Едва они остались вдвоем, Игнатий бросился целовать отцу руки, хотел и вовсе опуститься на колени, но отец подобные вещи не любил, как мог остановил. Устроившись за тем же столом, отец слушал, а Сбарич рассказывал, что было с ним за эти двадцать лет; понятно, что то и дело разговор возвращался к Тайшетской зоне, которая их свела. Одного за другим вспоминали отбывавших с ними срок, кого уже не было на свете, налив рюмку, поминали.
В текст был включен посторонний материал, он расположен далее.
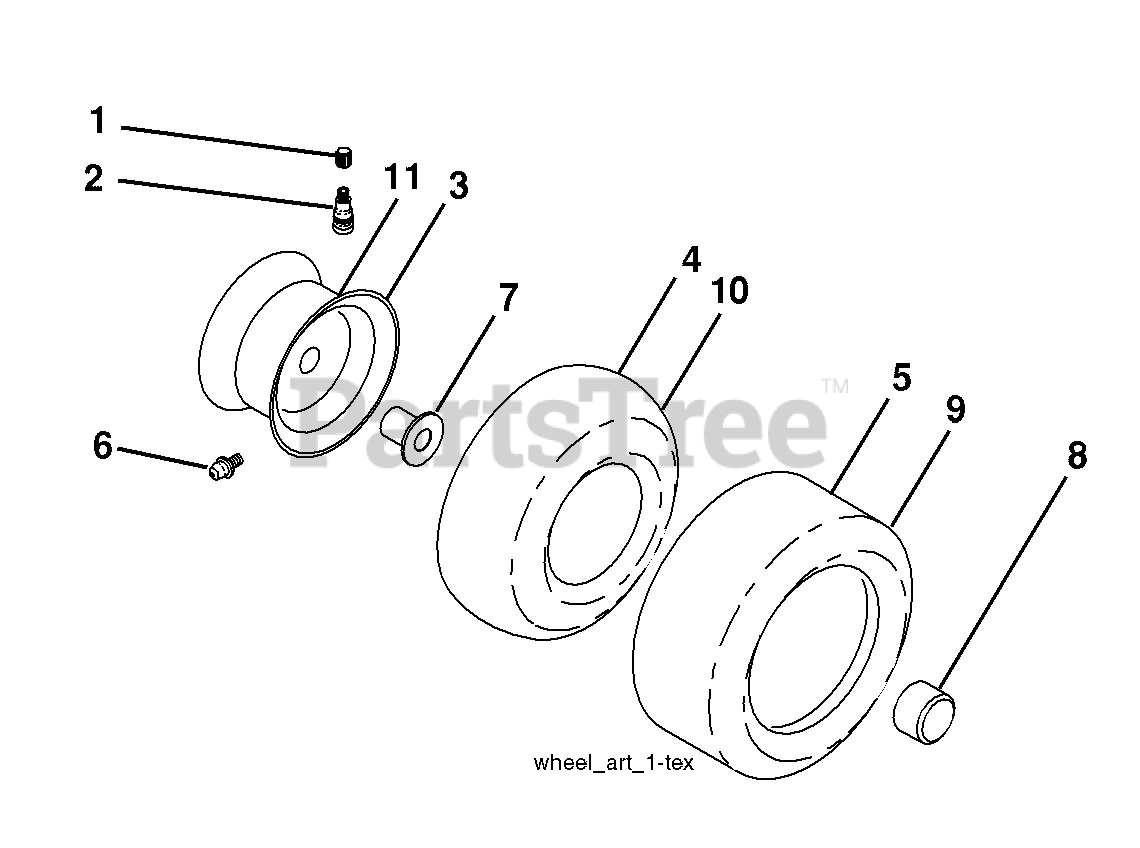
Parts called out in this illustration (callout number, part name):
1	Cap Valve Tire
2	Stem Valve
3	Rim Asm 6" front
4	Tube Front
5	Tire Front 15 x 6.0-6 Service
6	Fitting Grease
7	Bearing Flange
8	Cap Axle Blk 1 50 x 1 00
9	Tire Rear 18 x 9.5-8 "Turf Saver"
9	Tire Rear 18 x 9.5-8 "Turf Saver LT"
10	Tube Rear
11	Rim Asm 8" rear
11	Sealant, Tire

Чаще других разговор возвращался к их товарищу по несчастью – киевскому поэту, который так и не дождался свободы: всё, что осталось от бедняги, – несколько стихотворений, чуть больше разрозненных строк и строчек. Тогда в лагере, едва его тело отнесли в морг, они, всё еще надеясь, что стихи записаны, перерыли пенатовские шмотки, добрались до самых укромных тайников и заначек, но единственное, что отыскалось, – пять страничек с планом реорганизации издательства «Рiдный край», в котором он работал до ареста и куда мечтал вернуться после освобождения. Стихов никаких не было, не было ни одной строки.
Сейчас здесь, за богатым столом, Жестовский и Сбарич, помогая один другому, вспоминали, как он ходил вместе с ними от барака к бараку и читал то, что сочинил за последнюю неделю. Общими усилиями восстановили еще с десяток стихотворений, радуясь, по очереди читали их друг другу. Но дальше дело встало.